And in a way perhaps that's the greatest superhero influence of all, at a meta level. Superhero fandoms are quite used to adaptations that just borrow the names and basic looks of characters, and then pitch their own things with different ambiences, tones, worldbuilding, pacing, you name it. No one blinks an eye if the new Batman thing decides that the Joker is yet again completely different; Gotham is reducible to a finite number of visual archetypes and attached names, and every new storyteller is free to attach those ingredients to what tone and storyline they want. Long-term fans may notice and enjoy specific echoes between one telling and another, but none should be taken as a given. I think DT17 often approached its task like that. “So, richest-duck-in-the-world adventurer called Scrooge McDuck; he looks like this. His sort-of-one-true-love-but-it's-complicated whom he met in the Klondike Gold Rush, called Goldie O'Gilt; she looks like this. What can we come up with based on that brief and that brief alone? [having come up with their own story] Right, and now let's throw in a couple of allusions to other possible tellings of this story, as a tip of the hat to the past. Let's say… 'a mammoth in White Agony Creek’? But let's change the context a bit, of course…"

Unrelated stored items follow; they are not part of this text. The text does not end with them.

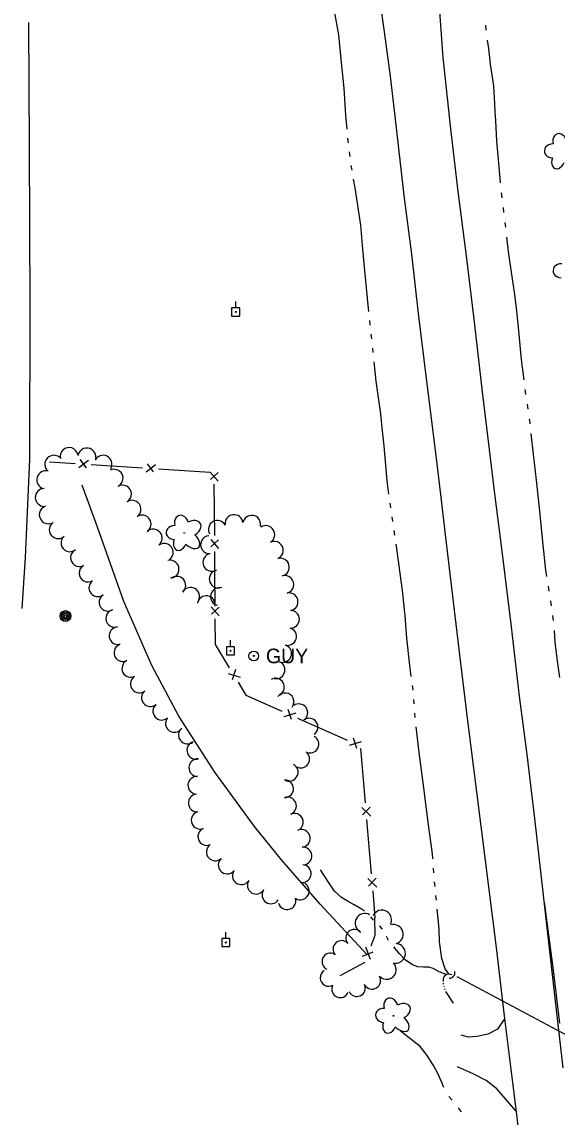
# Model space of a CAD drawing. Extents: x 589250 to 1188077, y 162953 to 363065.
# Drawn here: x 594851.6 to 595071.9, y 175168.1 to 175619.1 of the extents above; entities that cross this region are included whole.
import ezdxf

# ---------------------------------------------------------------- set-up
doc = ezdxf.new("R2010")
doc.units = 0
for name, color, linetype in [('E_DRN', 7, 'Continuous'), ('E_DRN_Pipe', 7, 'Continuous'), ('E_DWY', 7, 'Continuous'), ('E_FEN_P', 7, 'Continuous'), ('E_LAND_TreeLine_P', 7, 'Continuous'), ('E_LAND_Vegetation', 7, 'Continuous'), ('E_MISCPROP', 7, 'Continuous'), ('E_RDWY', 7, 'Continuous'), ('E_RDWY_Gravel', 7, 'Continuous'), ('E_RR_Abandoned', 7, 'Continuous'), ('E_UTL_EGuyWire', 7, 'Continuous'), ('E_UTL_EPowerPole', 7, 'Continuous'), ('E_WTR_FlowLine', 7, 'Continuous')]:
    doc.layers.add(name, color=color, linetype=linetype)

msp = doc.modelspace()

# ---------------------------------------------------------------- linework, layer by layer
at = {"layer": 'E_DRN'}
msp.add_arc((595027.62, 175227.53), 2.22, 266.2846, 12.5448, dxfattribs=at)
at = {"layer": 'E_DRN_Pipe'}
msp.add_line((595030.57, 175226.03), (595097.49, 175190.31), dxfattribs=at)
at = {"layer": 'E_DWY'}
for p, q in [((594854.29, 175618.91), (594854.66, 175567.59)), ((594854.66, 175567.59), (594854.86, 175502.45)), ((594854.86, 175502.45), (594854.81, 175439.04)), ((594854.81, 175439.04), (594852.91, 175398.48)), ((594852.91, 175398.48), (594851.63, 175377.48)), ((595050.22, 175208.51), (595047.37, 175204.33)), ((595047.37, 175204.33), (595043.36, 175202.25)), ((595035.42, 175201.05), (595032.45, 175201.82)), ((595038.93, 175201.24), (595035.42, 175201.05)), ((595043.36, 175202.25), (595038.93, 175201.24)), ((595037.67, 175185.72), (595030.89, 175188.85)), ((595042.69, 175183.23), (595037.67, 175185.72)), ((595047.06, 175179.79), (595042.69, 175183.23)), ((595055.01, 175170.56), (595047.06, 175179.79))]:
    msp.add_line(p, q, dxfattribs=at)
at = {"layer": 'E_FEN_P'}
for p, q in [((594863, 175437.91), (594873.57, 175437.24)), ((594875.1, 175435.65), (594878.99, 175438.62)), ((594875.47, 175438.85), (594878.04, 175435.53)), ((594880.11, 175436.82), (594890.68, 175436.14)), ((594890.68, 175436.14), (594901.24, 175435.46)), ((594902.77, 175433.88), (594906.66, 175436.85)), ((594903.15, 175437.07), (594905.71, 175433.75)), ((594907.78, 175435.04), (594918.35, 175434.36)), ((594918.35, 175434.36), (594928.91, 175433.69)), ((594929.14, 175433.65), (594932.38, 175429.99)), ((594932.36, 175433.51), (594929.23, 175430.71)), ((594930.66, 175428.74), (594930.74, 175418.15)), ((594930.74, 175418.15), (594930.82, 175407.56)), ((594929.35, 175405.92), (594932.59, 175402.26)), ((594932.56, 175405.78), (594929.44, 175402.98)), ((594930.87, 175401.01), (594930.95, 175390.42)), ((594930.95, 175390.42), (594931.03, 175379.83)), ((594929.55, 175378.19), (594932.79, 175374.53)), ((594932.77, 175378.05), (594929.64, 175375.25)), ((594931.07, 175373.28), (594931.15, 175362.69)), ((594931.15, 175362.69), (594936.97, 175353.09)), ((594939.53, 175352.41), (594938.2, 175348.16)), ((594936.52, 175350.8), (594941.46, 175349.22)), ((594940.58, 175347.15), (594943.8, 175341.83)), ((594943.8, 175341.83), (594948.38, 175339.8)), ((594948.38, 175339.8), (594958.65, 175335.25)), ((594959.59, 175333.11), (594964.55, 175334.64)), ((594961.13, 175336.15), (594962.47, 175331.91)), ((594965, 175332.43), (594975.27, 175327.89)), ((594975.27, 175327.89), (594985.54, 175323.34)), ((594986.48, 175321.2), (594991.44, 175322.73)), ((594988.02, 175324.24), (594989.36, 175320)), ((594991.01, 175319.9), (594991.96, 175308.71)), ((594991.96, 175308.71), (594992.91, 175297.52)), ((594991.49, 175295.66), (594995.21, 175292.05)), ((594994.9, 175295.77), (594991.82, 175292.56)), ((594993.5, 175290.59), (594994.45, 175279.4)), ((594994.45, 175279.4), (594995.39, 175268.21)), ((594993.97, 175266.36), (594997.7, 175262.75)), ((594997.38, 175266.47), (594994.31, 175263.25)), ((594995.98, 175261.29), (594996.93, 175250.1)), ((594997.02, 175243.01), (594996.93, 175250.1)), ((594995.41, 175238.69), (594997.02, 175243.01)), ((594991.79, 175234.42), (594996.12, 175236.09)), ((594995.06, 175233.01), (594993.15, 175238.07)), ((594982.57, 175226.36), (594992.87, 175231.91))]:
    msp.add_line(p, q, dxfattribs=at)
at = {"layer": 'E_LAND_TreeLine_P'}
for centre, radius, start, end in [((594871.06, 175440.13), 3.69, 13.4909, 193.4909), ((594878.33, 175439.96), 3.69, 352.1858, 172.1858), ((594864.73, 175436.96), 3.69, 47.686, 227.686), ((594885.01, 175436.94), 3.69, 332.6967, 152.6967), ((594861.45, 175430.55), 3.69, 73.4843, 253.4843), ((594889.56, 175431.18), 3.69, 296.8918, 116.8918), ((594860.83, 175423.26), 3.69, 90.8383, 270.8383), ((594892.99, 175424.64), 3.69, 301.6011, 121.6011), ((594862.46, 175416.13), 3.69, 107.9411, 287.9411), ((594896.94, 175418.41), 3.69, 304.5284, 124.5284), ((594901.1, 175412.31), 3.69, 303.5736, 123.5736), ((594938.91, 175412.48), 3.69, 7.2972, 187.2972), ((594946.19, 175412.21), 3.69, 347.9633, 167.9633), ((594866.58, 175410.02), 3.69, 124.7129, 304.7129), ((594932.07, 175410.09), 3.69, 29.4488, 209.4488), ((594951.97, 175407.97), 3.69, 302.2679, 122.2679), ((594871.37, 175404.54), 3.64, 130.361, 310.361), ((594905.64, 175406.5), 3.69, 310.1278, 130.1278), ((594928.84, 175403.82), 3.69, 94.1402, 274.1402), ((594875.27, 175398.46), 3.64, 116.1845, 296.1845), ((594910.16, 175400.66), 3.69, 306.376, 126.376), ((594955.51, 175401.51), 3.69, 293.8896, 113.8896), ((594912.59, 175393.75), 3.69, 284.5453, 104.5453), ((594929.8, 175396.56), 3.69, 112.8295, 292.8295), ((594957.97, 175394.57), 3.69, 284.8746, 104.8746), ((594878.83, 175392.11), 3.64, 121.0948, 301.0948), ((594932.41, 175389.68), 3.69, 99.9286, 279.9286), ((594882.86, 175386.07), 3.64, 127.4454, 307.4454), ((594915.35, 175387.09), 3.69, 312.147, 132.147), ((594959.83, 175387.43), 3.69, 284.4572, 104.4572), ((594921.03, 175382.54), 3.69, 330.9068, 150.9068), ((594932.95, 175382.43), 3.69, 75.7699, 255.7699), ((594961.61, 175380.32), 3.64, 283.6426, 103.6426), ((594887.03, 175380.11), 3.64, 123.3095, 303.3095), ((594927.48, 175379.09), 3.69, 350.054, 170.054), ((594889.83, 175373.46), 3.64, 107.0985, 287.0985), ((594962.17, 175373.11), 3.64, 269.8673, 89.8673), ((594891.19, 175366.33), 3.64, 98.3622, 278.3622), ((594961, 175366), 3.64, 253.6859, 73.6859), ((594893.19, 175359.36), 3.64, 108.8726, 288.8726), ((594958.95, 175359.01), 3.64, 248.1445, 68.1445), ((594896.44, 175352.85), 3.64, 117.4034, 297.4034), ((594956.24, 175352.26), 3.64, 248.1445, 68.1445), ((594899.92, 175346.48), 3.64, 129.2249, 309.2249), ((594955.99, 175345.18), 3.64, 299.7893, 119.7893), ((594904.53, 175340.84), 3.64, 129.2249, 309.2249), ((594959.92, 175339.13), 3.64, 322.9634, 142.9634), ((594965.59, 175334.62), 3.64, 305.5335, 125.5335), ((594909.18, 175335.25), 3.64, 131.0747, 311.0747), ((594914.35, 175330.19), 3.64, 144.4075, 324.4075), ((594969.82, 175328.7), 3.64, 305.5335, 125.5335), ((594919.74, 175325.4), 3.64, 128.4069, 308.4069), ((594970.22, 175321.67), 3.64, 242.1324, 62.1324), ((594923.19, 175319.12), 3.64, 107.7659, 287.7659), ((594966.39, 175315.55), 3.64, 225.0943, 45.0943), ((594924.01, 175311.99), 3.64, 88.3488, 268.3488), ((594961.64, 175310.1), 3.64, 241.2605, 61.2605), ((594923.61, 175304.73), 3.64, 86.3006, 266.3006), ((594959.77, 175303.32), 3.64, 270.8383, 90.8383), ((594923.76, 175297.47), 3.64, 95.0437, 275.0437), ((594960.94, 175296.25), 3.64, 291.5128, 111.5128), ((594924.98, 175290.36), 3.64, 111.2879, 291.2879), ((594963.73, 175289.53), 3.64, 294.4677, 114.4677), ((594927.69, 175283.6), 3.64, 115.8552, 295.8552), ((594966.58, 175282.86), 3.64, 275.6823, 95.6823), ((594931.21, 175277.29), 3.64, 132.1069, 312.1069), ((594967.3, 175275.62), 3.64, 275.6823, 95.6823), ((594936.09, 175271.89), 3.64, 132.1069, 312.1069), ((594967.03, 175268.35), 3.64, 267.6585, 87.6585), ((594941.91, 175267.51), 3.64, 143.0444, 323.0444), ((594948.04, 175263.59), 3.64, 148.1578, 328.1578), ((594954.1, 175259.57), 3.64, 145.6719, 325.6719), ((594966.2, 175261.22), 3.64, 239.5746, 59.5746), ((594960.77, 175257.18), 3.64, 196.547, 16.547), ((594999.74, 175249.35), 4, 334.2733, 154.2733), ((594992.75, 175247.95), 4, 60.8794, 240.8794), ((594988.43, 175241.88), 3.5, 40.7462, 220.7462), ((595004.54, 175243.39), 4, 285.1877, 105.1877), ((594983.17, 175237.28), 3.5, 41.602, 221.602), ((595005.43, 175235.5), 4, 256.8021, 76.8021), ((594978.64, 175232.1), 3.5, 63.7428, 243.7428), ((595001.67, 175228.83), 4, 222.9809, 42.9809), ((594977.86, 175225.45), 3.5, 121.3681, 301.3681), ((594995.74, 175224.31), 3.5, 211.6011, 31.6011), ((594982.62, 175220.79), 3.5, 157.209, 337.209), ((594989.45, 175221.27), 3.5, 204.1561, 24.1561)]:
    msp.add_arc(centre, radius, start, end, dxfattribs=at)
at = {"layer": 'E_LAND_Vegetation'}
for centre in [(594918.41, 175408.63), (595004.56, 175209.79)]:
    msp.add_circle(centre, 0.128, dxfattribs=at)
for centre, major_axis, ratio in [((595072.95, 175569.54), (0.89, -3.5), 0.782863), ((595070.08, 175565.98), (3.45, -0.15), 0.832022), ((595072.37, 175562.16), (1.33, 3.37), 0.716896), ((595073.64, 175516.62), (3.45, -0.15), 0.832022), ((594917.3, 175412.38), (0.89, -3.5), 0.782863), ((594914.43, 175408.81), (3.45, -0.15), 0.832022), ((594921.41, 175410.49), (-3.73, -1.98), 0.691916), ((594916.73, 175404.99), (1.33, 3.37), 0.716896), ((594920.97, 175405.99), (-3.45, 3.27), 0.560249), ((595003.45, 175213.54), (0.89, -3.5), 0.782863), ((595000.58, 175209.97), (3.45, -0.15), 0.832022), ((595007.56, 175211.65), (-3.73, -1.98), 0.691916), ((595007.11, 175207.15), (-3.45, 3.27), 0.560249), ((595002.87, 175206.15), (1.33, 3.37), 0.716896)]:
    msp.add_ellipse(centre, major_axis=major_axis, ratio=ratio, start_param=1.570796, end_param=4.712389, dxfattribs=at)
at = {"layer": 'E_MISCPROP'}
for radius in [2.23, 1.67, 1.12, 0.558]:
    msp.add_circle((594869.56, 175374.43), radius, dxfattribs=at)
at = {"layer": 'E_RDWY'}
for p, q in [((594998.92, 175627.62), (595000.77, 175615.04)), ((595025, 175604.5), (595022.98, 175631.33)), ((595000.77, 175615.04), (595003.15, 175596.7)), ((595028.15, 175575.06), (595025, 175604.5)), ((595003.15, 175596.7), (595005.67, 175575.46)), ((595005.67, 175575.46), (595008.87, 175547.58)), ((595031.12, 175549.29), (595028.15, 175575.06)), ((595008.87, 175547.58), (595011.91, 175523.51)), ((595034.68, 175521.63), (595031.12, 175549.29)), ((595011.91, 175523.51), (595014.67, 175499.07)), ((595037.99, 175494.29), (595034.68, 175521.63)), ((595014.67, 175499.07), (595018.09, 175471.14)), ((595041.21, 175466.8), (595037.99, 175494.29)), ((595018.09, 175471.14), (595021.71, 175442.71)), ((595044.08, 175442.99), (595041.21, 175466.8)), ((595021.71, 175442.71), (595023.89, 175424.5)), ((595046.17, 175425.82), (595044.08, 175442.99)), ((595023.89, 175424.5), (595025.76, 175408)), ((595049.07, 175402.23), (595046.17, 175425.82)), ((595025.76, 175408), (595029.1, 175380.34)), ((595053.06, 175370.04), (595049.07, 175402.23)), ((595029.1, 175380.34), (595032.19, 175355.08)), ((595056.36, 175341.48), (595053.06, 175370.04)), ((595032.19, 175355.08), (595034.96, 175331.3)), ((595059.6, 175317.41), (595056.36, 175341.48)), ((595034.96, 175331.3), (595038.71, 175302.09)), ((595062.73, 175291.06), (595059.6, 175317.41)), ((595038.71, 175302.09), (595042.28, 175273.75)), ((595067.82, 175246.23), (595062.73, 175291.06)), ((595042.28, 175273.75), (595046.76, 175237.94)), ((595071.11, 175217.11), (595067.82, 175246.23)), ((595046.76, 175237.94), (595050.06, 175209.74)), ((595074.43, 175188.42), (595071.11, 175217.11)), ((595050.06, 175209.74), (595054.09, 175177.94)), ((595054.09, 175177.94), (595057.67, 175149.2))]:
    msp.add_line(p, q, dxfattribs=at)
at = {"layer": 'E_RDWY_Gravel'}
for p, q in [((595070.31, 175229.75), (595066.65, 175256.59)), ((595073.04, 175206.84), (595070.31, 175229.75))]:
    msp.add_line(p, q, dxfattribs=at)
at = {"layer": 'E_RR_Abandoned'}
for p, q in [((594882.7, 175411.03), (594876.38, 175428.31)), ((594893.58, 175380.42), (594882.7, 175411.03)), ((594905.11, 175354.1), (594893.58, 175380.42)), ((594916.22, 175333.18), (594905.11, 175354.1)), ((594931.06, 175310.1), (594916.22, 175333.18)), ((594947.36, 175287.7), (594931.06, 175310.1)), ((594958.43, 175274.08), (594947.36, 175287.7)), ((594974.41, 175255.75), (594958.43, 175274.08)), ((594993.76, 175234.88), (594974.41, 175255.75))]:
    msp.add_line(p, q, dxfattribs=at)
at = {"layer": 'E_UTL_EGuyWire'}
for radius in [2, 0.25]:
    msp.add_circle((594947.06, 175358), radius, dxfattribs=at)
at = {"layer": 'E_UTL_EPowerPole'}
for points in [[(594941.29, 175501.34), (594937.94, 175501.34)], [(594937.94, 175501.34), (594937.94, 175497.99)], [(594939.61, 175501.34), (594939.61, 175503.99)], [(594941.29, 175497.99), (594941.29, 175501.34)], [(594937.94, 175497.99), (594941.29, 175497.99)], [(594939.12, 175361.8), (594935.76, 175361.8)], [(594935.76, 175361.8), (594935.76, 175358.45)], [(594937.44, 175361.8), (594937.44, 175364.45)], [(594939.12, 175358.45), (594939.12, 175361.8)], [(594935.76, 175358.45), (594939.12, 175358.45)], [(594935.56, 175241.67), (594935.56, 175244.32)], [(594937.24, 175241.67), (594933.89, 175241.67)], [(594933.89, 175241.67), (594933.89, 175238.32)], [(594937.24, 175238.32), (594937.24, 175241.67)], [(594933.89, 175238.32), (594937.24, 175238.32)]]:
    msp.add_lwpolyline(points, dxfattribs=at)
for centre in [(594939.64, 175499.67), (594937.47, 175360.13), (594935.59, 175240)]:
    msp.add_circle(centre, 0.217, dxfattribs=at)
at = {"layer": 'E_WTR_FlowLine'}
for p, q in [((594982.1, 175613.82), (594980.46, 175622.77)), ((594983.03, 175603.7), (594982.1, 175613.82)), ((595042.47, 175617.7), (595042.61, 175615.67)), ((595043.09, 175611.62), (595043.65, 175608.2)), ((595043.65, 175608.2), (595044.34, 175601.67)), ((594983.17, 175602.32), (594983.03, 175603.7)), ((594984.28, 175591.81), (594983.17, 175602.32)), ((595044.34, 175601.67), (595045.64, 175592.82)), ((594984.92, 175580.61), (594984.28, 175591.81)), ((595045.64, 175592.82), (595046.12, 175585.33)), ((595046.12, 175585.33), (595046.32, 175582.25)), ((595046.32, 175582.25), (595046.57, 175578.42)), ((594985.46, 175574.99), (594984.92, 175580.61)), ((595046.57, 175578.42), (595047, 175570.02)), ((594985.94, 175569.97), (594985.82, 175571.22)), ((594986.01, 175569.34), (594985.94, 175569.97)), ((595047, 175570.02), (595047.78, 175560.95)), ((594986.68, 175563.7), (594986.46, 175565.58)), ((594987.48, 175558.09), (594987.15, 175559.95)), ((595047.78, 175560.95), (595048.39, 175553.12)), ((594988.76, 175550.82), (594988.14, 175554.36)), ((594991.06, 175535.41), (594988.76, 175550.82)), ((595048.39, 175553.12), (595048.44, 175552.76)), ((595048.91, 175548.71), (595049.15, 175546.68)), ((595049.63, 175542.63), (595049.87, 175540.61)), ((594991.81, 175527.18), (594991.06, 175535.41)), ((595050.35, 175536.55), (595050.58, 175534.53)), ((595051.04, 175530.48), (595051.84, 175523.47)), ((594992.5, 175519.56), (594991.81, 175527.18)), ((595051.84, 175523.47), (595054.34, 175506.89)), ((594994.13, 175502.5), (594992.5, 175519.56)), ((595054.34, 175506.89), (595054.98, 175501.17)), ((594994.41, 175499.87), (594994.13, 175502.5)), ((595054.98, 175501.17), (595055.84, 175493.39)), ((594995.01, 175494.22), (594994.81, 175496.1)), ((595055.84, 175493.39), (595057.12, 175480.08)), ((594995.62, 175488.58), (594995.42, 175490.46)), ((594996.22, 175482.93), (594996.02, 175484.81)), ((594997.43, 175471.19), (594996.61, 175479.17)), ((595057.12, 175480.08), (595058.16, 175471.77)), ((594999.27, 175457.67), (594997.43, 175471.19)), ((595058.66, 175467.72), (595058.77, 175466.86)), ((595058.77, 175466.86), (595058.94, 175465.7)), ((595059.53, 175461.67), (595059.82, 175459.65)), ((594999.88, 175451.93), (594999.27, 175457.67)), ((595060.41, 175455.61), (595060.46, 175455.29)), ((595000.67, 175444.58), (594999.88, 175451.93)), ((595060.46, 175455.29), (595060.66, 175453.59)), ((595061.12, 175449.54), (595062.09, 175441.09)), ((595001.96, 175430.15), (595000.67, 175444.58)), ((595062.09, 175441.09), (595063.24, 175430.38)), ((595002.68, 175424.64), (595001.96, 175430.15)), ((595063.24, 175430.38), (595064.41, 175420.15)), ((595003.42, 175419.01), (595003.17, 175420.89)), ((595064.41, 175420.15), (595064.52, 175419.14)), ((595004.22, 175413.39), (595003.94, 175415.26)), ((595064.52, 175419.14), (595065.8, 175406.33)), ((595005.05, 175407.77), (595004.77, 175409.65)), ((595065.8, 175406.33), (595067.13, 175393.32)), ((595005.86, 175402.25), (595005.6, 175404.03)), ((595008.42, 175383.79), (595005.86, 175402.25)), ((595067.13, 175393.32), (595067.54, 175390.75)), ((595009.08, 175376.82), (595008.42, 175383.79)), ((595068.19, 175386.72), (595068.51, 175384.71)), ((595069.15, 175380.68), (595069.32, 175379.62)), ((595069.32, 175379.62), (595069.44, 175378.66)), ((595009.29, 175374.61), (595009.08, 175376.82)), ((595009.98, 175365.26), (595009.29, 175374.61)), ((595069.95, 175374.61), (595070.21, 175372.59)), ((595070.62, 175368.53), (595071.01, 175363.71)), ((595011.08, 175355.31), (595009.98, 175365.26)), ((595071.01, 175363.71), (595071.79, 175357)), ((595071.79, 175357), (595072.93, 175349.08)), ((595011.88, 175349.53), (595011.08, 175355.31)), ((595012.48, 175345.2), (595012.4, 175345.79)), ((595012.58, 175343.9), (595012.48, 175345.2)), ((595013.04, 175338.25), (595012.89, 175340.13)), ((595013.48, 175332.79), (595013.34, 175334.47)), ((595013.5, 175332.59), (595013.48, 175332.79)), ((595015.07, 175318.19), (595013.91, 175328.83)), ((595017.27, 175301.6), (595015.07, 175318.19)), ((595017.3, 175301.4), (595017.27, 175301.6)), ((595018.91, 175288.44), (595017.3, 175301.4)), ((595020.6, 175276.56), (595018.91, 175288.44)), ((595020.76, 175274.39), (595020.6, 175276.56)), ((595021.18, 175268.73), (595021.04, 175270.62)), ((594977.84, 175264.86), (594974.5, 175269.9)), ((594980.32, 175261.19), (594977.84, 175264.86)), ((595021.65, 175263.07), (595021.46, 175264.96)), ((594983.16, 175258.5), (594980.32, 175261.19)), ((594985.88, 175256.82), (594983.16, 175258.5)), ((595022.2, 175257.42), (595022.02, 175259.31)), ((594988.43, 175255.48), (594985.88, 175256.82)), ((594990.98, 175254.03), (594988.43, 175255.48)), ((594992.56, 175252.87), (594990.98, 175254.03)), ((595023.34, 175245.59), (595022.57, 175253.66)), ((594996.34, 175249.25), (594995.2, 175250.58)), ((594999.11, 175246.57), (594998.84, 175246.81)), ((594999.98, 175245.48), (594999.11, 175246.57)), ((595023.54, 175240.29), (595023.34, 175245.59)), ((595002.43, 175240.88), (595001.72, 175242.48)), ((595024.38, 175233.44), (595023.54, 175240.29)), ((595007.05, 175235.4), (595004.64, 175238.17)), ((595009.32, 175232.87), (595007.05, 175235.4)), ((595012.38, 175230.79), (595009.32, 175232.87)), ((595014.55, 175230.01), (595012.38, 175230.79)), ((595016.94, 175229.78), (595014.55, 175230.01)), ((595025.86, 175229.15), (595024.38, 175233.44)), ((595019.07, 175229.78), (595016.94, 175229.78)), ((595020.86, 175229.33), (595019.07, 175229.78)), ((595023.3, 175227.98), (595020.86, 175229.33)), ((595026.16, 175226.8), (595023.3, 175227.98)), ((595025.15, 175225.21), (595025.52, 175226.34)), ((595025.52, 175226.34), (595026.33, 175226.91)), ((595027.34, 175227.04), (595025.86, 175229.15)), ((595026.33, 175226.91), (595027.23, 175227.05)), ((595027.23, 175227.05), (595028.62, 175226.86)), ((595025.19, 175222.84), (595025.09, 175223.22)), ((595025.11, 175224), (595025.15, 175225.21)), ((595025.47, 175221.69), (595025.38, 175222.07)), ((595025.76, 175220.55), (595025.67, 175220.93)), ((595029.18, 175215.05), (595026.06, 175219.83)), ((595015.46, 175197.21), (595007.35, 175203.6)), ((595018.36, 175193.41), (595015.46, 175197.21)), ((595020.97, 175189.31), (595018.36, 175193.41)), ((595022.74, 175186.05), (595020.97, 175189.31)), ((595024.48, 175182.37), (595022.74, 175186.05)), ((595025.26, 175180.23), (595024.48, 175182.37)), ((595028.63, 175175.07), (595027.27, 175176.63)), ((595032.51, 175170.23), (595031.25, 175171.87))]:
    msp.add_line(p, q, dxfattribs=at)

# ---------------------------------------------------------------- texts
at = {"layer": 'E_UTL_EGuyWire'}
msp.add_text('GUY', height=6, dxfattribs=at).set_placement((594952.06, 175355))

doc.saveas('drawing.dxf')

And that approach is neither good or bad, I would say (though it does continue to rob us of a ‘straight’ Disney Comics-based show which I really think would work). It's what it means for these things to be modern myths, after all; very broad shapes and sets of symbols, to be retold and altered endlessly. Few modern stories about King Arthur and Merlin have much to do with Chrétien de Troyes or Mallory beyond some names and some very broad story directions, but they still get to trade on the mythic power of doing A King Arthur Retelling, and that's okay. But it's just not something we're used to in Duck-dom, when all those hundreds of authors since the 1930s have by and large all been playing in the same illusorily-continuous sandbox, as opposed to reboots inherently being the name of the game.
Excellent nuanced defense, MacDuck, which I'm very pleased to read. So glad we haven't alienated you from Feathery entirely by ragging on DT17. I am willing to accept most of what you say, including that considered as an original show, DT17 was very good and entertaining. It makes sense to me what you say about the superhero narrative expectation that one takes the name/appearance and does something quite different with it, over and over. So on that meta-narrative level, that pattern may be the way DT17 was most influenced by superhero storytelling.
Naturally, as you might grant, this still means that DT17 dashed my hopes and irritated me until I gave up on it. I was not willing as you were to let it use the names/shells of characters I love and go somewhere entirely else with them. Also, I often found the tone off-putting. I think it's possible that I would have been less annoyed overall if Angones & Co. hadn't intentionally raised my hopes. If, for just one instance, he had responded to the fan query about Junior Woodchucks by simply saying that *one* of the triplets would be into Woodchucking. If I had been more prepared for the way the show was going to go, I would not have felt as if I had been strung along. And I do think, in this same vein, that Angones' own tone in his tweets helped sour me on the show. Though it was the immortality of Scrooge and his parents that was (ironically) the nail in the coffin for me. Plus the reveal of Lena's origin. All long before the reveal of Webby's origin.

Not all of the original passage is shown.